Casey is still not a great eater...unless she gets human food, then she is happy, happy!


----------



## LuvCicero (Mar 31, 2008)

My family and friends are enjoying getting the bags and cans of dog food -- and Cicero is happy to see it go.  He has been a little mutt trying to find the food -- and the way -- to get him to eat. He would eat dry only from my hand, but NO, I don't want to do that for 15 years!! He likes our people food -- so I started putting a little chopped chicken, or hotdog, or cheese on top of his dog food. It seemed that once he got started with something good he would continue eating. Finally, at 7 months, I think we have got him figured out with the food -- hope I am not speaking to soon. It does help to only leave the food down for a few minutes at each meal -- and keep the treats very small. Good Luck.


----------



## Lina (Apr 26, 2007)

Tatiana, I agree with Kimberly 100% on this one. You are catering to the puppy and shouldn't give in, unless the vet says that she is underweight or unhealthy. Kubrick does not eat very much during transition periods. A lot of puppies feel overwhelmed with a new home and refuse to eat. When I went to visit my mom in California, Kubrick went days without eating and then he would eat only 1/2 a bowl of kibble. I knew he wasn't starving himself, so I just let it go. Once we got back home he was eating normally again. I'm not saying that your puppy will never get used to your house, only that they do have an adjustment period. I definitely understand that you're worried and don't want to see her starve but again, if there is no health issue, she definitely will NOT starve herself and will eat when she's hungry.

Good luck and let us know what the vet says!


----------



## earfax (Mar 24, 2008)

I agree with Lina. Mollie is a fussy eater and I even told the vet that she will go a couple days without eating and I would freak and start giving her boiled chicken in her food so she would eat the hard dog food . the vet told me that a dog will not starve themselves and would eat by the third day and she did. he said they usually do not go more then 3 days without eating.

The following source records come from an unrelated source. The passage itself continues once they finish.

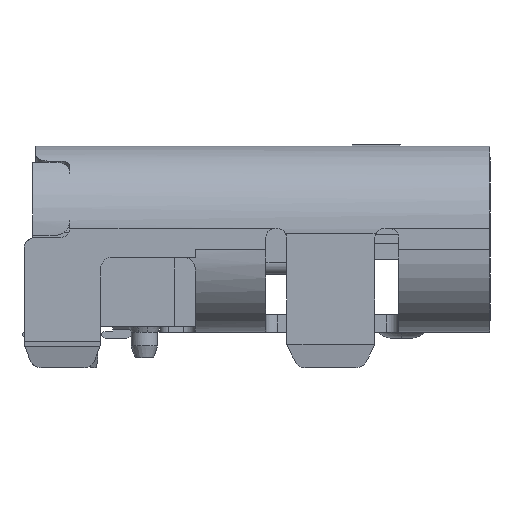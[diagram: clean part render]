
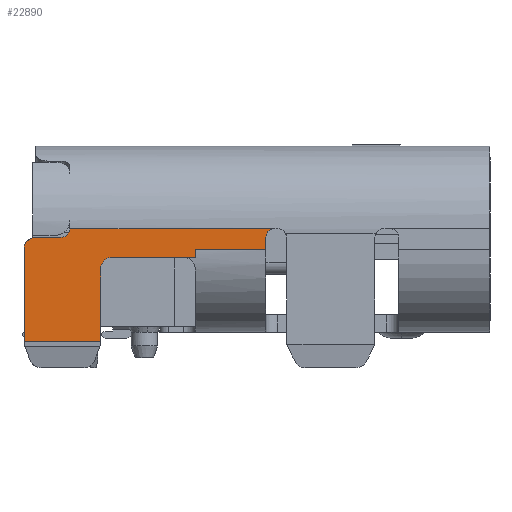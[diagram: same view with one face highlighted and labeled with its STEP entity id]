
A CAD part, front view. The second image highlights one B-rep face of the part: STEP entity #22890.
In plain terms, the highlighted planar face has unit normal (0, -1, 0).
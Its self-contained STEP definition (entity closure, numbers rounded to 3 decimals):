
#246 = LINE ( 'NONE', #17989, #18090 ) ;
#581 = DIRECTION ( 'NONE',  ( 0., 1., 0. ) ) ;
#1645 = ORIENTED_EDGE ( 'NONE', *, *, #11728, .T. ) ;
#2014 = ORIENTED_EDGE ( 'NONE', *, *, #26262, .T. ) ;
#2427 = EDGE_CURVE ( 'NONE', #23331, #36268, #30021, .T. ) ;
#2482 = DIRECTION ( 'NONE',  ( 0., 1., 0. ) ) ;
#3385 = CARTESIAN_POINT ( 'NONE',  ( 0.681, -3.708, 17.12 ) ) ;
#3561 = CARTESIAN_POINT ( 'NONE',  ( 0.681, -3.708, 17.12 ) ) ;
#4313 = CARTESIAN_POINT ( 'NONE',  ( -2.319, -3.708, 17.33 ) ) ;
#4632 = ORIENTED_EDGE ( 'NONE', *, *, #27022, .T. ) ;
#4857 = CARTESIAN_POINT ( 'NONE',  ( -2.119, -3.708, 16.795 ) ) ;
#5055 = AXIS2_PLACEMENT_3D ( 'NONE', #19202, #9953, #22350 ) ;
#5136 = VERTEX_POINT ( 'NONE', #37535 ) ;
#5317 = VERTEX_POINT ( 'NONE', #21694 ) ;
#5908 = LINE ( 'NONE', #33884, #24922 ) ;
#6003 = CARTESIAN_POINT ( 'NONE',  ( 0.681, -3.708, 17.33 ) ) ;
#6149 = EDGE_CURVE ( 'NONE', #37854, #19346, #22362, .T. ) ;
#6695 = CARTESIAN_POINT ( 'NONE',  ( -2.794, -3.708, 17.48 ) ) ;
#7374 = CARTESIAN_POINT ( 'NONE',  ( -0.519, -3.708, 17.12 ) ) ;
#7682 = EDGE_CURVE ( 'NONE', #31789, #37854, #246, .T. ) ;
#7745 = CARTESIAN_POINT ( 'NONE',  ( -2.319, -3.708, 17.48 ) ) ;
#8525 = ORIENTED_EDGE ( 'NONE', *, *, #7682, .T. ) ;
#8583 = ORIENTED_EDGE ( 'NONE', *, *, #25110, .F. ) ;
#8728 = DIRECTION ( 'NONE',  ( 0., 0., 1. ) ) ;
#9953 = DIRECTION ( 'NONE',  ( 0., -1., 0. ) ) ;
#11206 = DIRECTION ( 'NONE',  ( 0., 0., -1. ) ) ;
#11579 = CARTESIAN_POINT ( 'NONE',  ( -2.644, -3.708, 17.48 ) ) ;
#11728 = EDGE_CURVE ( 'NONE', #29338, #5317, #5908, .T. ) ;
#12035 = VERTEX_POINT ( 'NONE', #11579 ) ;
#13724 = CARTESIAN_POINT ( 'NONE',  ( -3.419, -3.708, 17.13 ) ) ;
#14295 = ORIENTED_EDGE ( 'NONE', *, *, #31266, .T. ) ;
#14309 = EDGE_CURVE ( 'NONE', #36268, #20323, #24366, .T. ) ;
#14636 = VERTEX_POINT ( 'NONE', #7374 ) ;
#15681 = ORIENTED_EDGE ( 'NONE', *, *, #20620, .F. ) ;
#15727 = VERTEX_POINT ( 'NONE', #4857 ) ;
#16684 = CARTESIAN_POINT ( 'NONE',  ( -0.519, -3.708, 17.48 ) ) ;
#16862 = DIRECTION ( 'NONE',  ( -1., 0., 0. ) ) ;
#17619 = PLANE ( 'NONE',  #36726 ) ;
#17827 = ORIENTED_EDGE ( 'NONE', *, *, #18258, .T. ) ;
#17989 = CARTESIAN_POINT ( 'NONE',  ( -3.419, -3.708, 17.48 ) ) ;
#18090 = VECTOR ( 'NONE', #23888, 1000. ) ;
#18258 = EDGE_CURVE ( 'NONE', #5136, #31789, #21999, .T. ) ;
#18382 = FACE_OUTER_BOUND ( 'NONE', #36838, .T. ) ;
#19202 = CARTESIAN_POINT ( 'NONE',  ( -3.219, -3.708, 17.13 ) ) ;
#19281 = LINE ( 'NONE', #4313, #25477 ) ;
#19346 = VERTEX_POINT ( 'NONE', #19405 ) ;
#19405 = CARTESIAN_POINT ( 'NONE',  ( -2.119, -3.708, 15.57 ) ) ;
#19586 = VECTOR ( 'NONE', #8728, 1000. ) ;
#19860 = CARTESIAN_POINT ( 'NONE',  ( -1.919, -3.708, 16.795 ) ) ;
#19887 = VECTOR ( 'NONE', #37403, 1000. ) ;
#20323 = VERTEX_POINT ( 'NONE', #23649 ) ;
#20620 = EDGE_CURVE ( 'NONE', #23331, #14636, #38376, .T. ) ;
#21146 = DIRECTION ( 'NONE',  ( 0., 0., -1. ) ) ;
#21320 = CIRCLE ( 'NONE', #37104, 0.15 ) ;
#21694 = CARTESIAN_POINT ( 'NONE',  ( -0.519, -3.708, 16.995 ) ) ;
#21999 = CIRCLE ( 'NONE', #5055, 0.2 ) ;
#22172 = DIRECTION ( 'NONE',  ( 1., 0., 0. ) ) ;
#22350 = DIRECTION ( 'NONE',  ( 0., 0., 1. ) ) ;
#22362 = LINE ( 'NONE', #31263, #26771 ) ;
#22492 = CARTESIAN_POINT ( 'NONE',  ( -2.794, -3.708, 17.33 ) ) ;
#22762 = DIRECTION ( 'NONE',  ( 0., 0., 1. ) ) ;
#22890 = ADVANCED_FACE ( 'NONE', ( #18382 ), #17619, .T. ) ;
#23331 = VERTEX_POINT ( 'NONE', #3561 ) ;
#23430 = ORIENTED_EDGE ( 'NONE', *, *, #30251, .T. ) ;
#23649 = CARTESIAN_POINT ( 'NONE',  ( 0.831, -3.708, 17.48 ) ) ;
#23888 = DIRECTION ( 'NONE',  ( 0., 0., -1. ) ) ;
#24366 = CIRCLE ( 'NONE', #32580, 0.15 ) ;
#24438 = AXIS2_PLACEMENT_3D ( 'NONE', #19860, #38239, #11206 ) ;
#24698 = CARTESIAN_POINT ( 'NONE',  ( -1.919, -3.708, 16.995 ) ) ;
#24922 = VECTOR ( 'NONE', #36661, 1000. ) ;
#25110 = EDGE_CURVE ( 'NONE', #12035, #20323, #34371, .T. ) ;
#25477 = VECTOR ( 'NONE', #38043, 1000. ) ;
#26262 = EDGE_CURVE ( 'NONE', #29486, #5136, #19281, .T. ) ;
#26771 = VECTOR ( 'NONE', #22172, 1000. ) ;
#26993 = CARTESIAN_POINT ( 'NONE',  ( -3.419, -3.708, 15.57 ) ) ;
#27022 = EDGE_CURVE ( 'NONE', #19346, #15727, #32368, .T. ) ;
#27289 = ORIENTED_EDGE ( 'NONE', *, *, #6149, .T. ) ;
#27578 = EDGE_CURVE ( 'NONE', #5317, #14636, #31870, .T. ) ;
#27970 = CARTESIAN_POINT ( 'NONE',  ( -2.319, -3.708, 17.12 ) ) ;
#27985 = VECTOR ( 'NONE', #31016, 1000. ) ;
#29309 = CARTESIAN_POINT ( 'NONE',  ( 0.831, -3.708, 17.33 ) ) ;
#29338 = VERTEX_POINT ( 'NONE', #24698 ) ;
#29486 = VERTEX_POINT ( 'NONE', #22492 ) ;
#29651 = CARTESIAN_POINT ( 'NONE',  ( -2.319, -3.708, 17.48 ) ) ;
#30021 = LINE ( 'NONE', #3385, #19586 ) ;
#30251 = EDGE_CURVE ( 'NONE', #15727, #29338, #37674, .T. ) ;
#30422 = DIRECTION ( 'NONE',  ( 0., -1., 0. ) ) ;
#31016 = DIRECTION ( 'NONE',  ( 1., 0., 0. ) ) ;
#31263 = CARTESIAN_POINT ( 'NONE',  ( -2.319, -3.708, 15.57 ) ) ;
#31266 = EDGE_CURVE ( 'NONE', #12035, #29486, #21320, .T. ) ;
#31328 = DIRECTION ( 'NONE',  ( 0., 0., 1. ) ) ;
#31735 = ORIENTED_EDGE ( 'NONE', *, *, #2427, .T. ) ;
#31789 = VERTEX_POINT ( 'NONE', #13724 ) ;
#31870 = LINE ( 'NONE', #16684, #19887 ) ;
#32368 = LINE ( 'NONE', #38493, #37481 ) ;
#32580 = AXIS2_PLACEMENT_3D ( 'NONE', #29309, #2482, #22762 ) ;
#33884 = CARTESIAN_POINT ( 'NONE',  ( -2.319, -3.708, 16.995 ) ) ;
#34371 = LINE ( 'NONE', #7745, #27985 ) ;
#34691 = VECTOR ( 'NONE', #16862, 1000. ) ;
#35531 = DIRECTION ( 'NONE',  ( 0., 0., 1. ) ) ;
#36159 = ORIENTED_EDGE ( 'NONE', *, *, #14309, .T. ) ;
#36268 = VERTEX_POINT ( 'NONE', #6003 ) ;
#36661 = DIRECTION ( 'NONE',  ( 1., 0., 0. ) ) ;
#36726 = AXIS2_PLACEMENT_3D ( 'NONE', #29651, #30422, #21146 ) ;
#36838 = EDGE_LOOP ( 'NONE', ( #17827, #8525, #27289, #4632, #23430, #1645, #36897, #15681, #31735, #36159, #8583, #14295, #2014 ) ) ;
#36897 = ORIENTED_EDGE ( 'NONE', *, *, #27578, .T. ) ;
#37104 = AXIS2_PLACEMENT_3D ( 'NONE', #6695, #581, #31328 ) ;
#37403 = DIRECTION ( 'NONE',  ( 0., 0., 1. ) ) ;
#37481 = VECTOR ( 'NONE', #35531, 1000. ) ;
#37535 = CARTESIAN_POINT ( 'NONE',  ( -3.219, -3.708, 17.33 ) ) ;
#37674 = CIRCLE ( 'NONE', #24438, 0.2 ) ;
#37854 = VERTEX_POINT ( 'NONE', #26993 ) ;
#38043 = DIRECTION ( 'NONE',  ( -1., 0., 0. ) ) ;
#38239 = DIRECTION ( 'NONE',  ( 0., 1., 0. ) ) ;
#38376 = LINE ( 'NONE', #27970, #34691 ) ;
#38493 = CARTESIAN_POINT ( 'NONE',  ( -2.119, -3.708, 17.48 ) ) ;

When we go away with Mollie she hardly touches her food but by the third day she eats everything on her plate. so dont worry I know it hard I always got upset when she was a puppy when she would not eat but now I am so use to her habits.


----------



## Eva (Jun 20, 2008)

My puppies breeder told me that it was really important to make sure that he ate every few hours for the first month at least because small breeds develop Hypogylcemia if their blood sugar gets to low. 
That is the reason that she suggested the nutrical. 
If I had felt safe letting him go without eating I would have.  
Now I only offer food 3 times a day because he's eating at least a little at every meal.


----------



## swtxsweetie (May 16, 2008)

Hello,

My breeder recommended karo syrup on top of the kibbles if my puppy doesn't want to eat. Never tried it though since my puppy thinks I am starving him even though I give him 1 full cup a day plus treats through out the day.

Also, my puppy thinks water soaked soft kibbles are treats. I just soak the kibbles in water for a few hours and feed it to him one by one when I groom or train. I also stuffed them into a puppy kong. 

Good luck!


----------



## earfax (Mar 24, 2008)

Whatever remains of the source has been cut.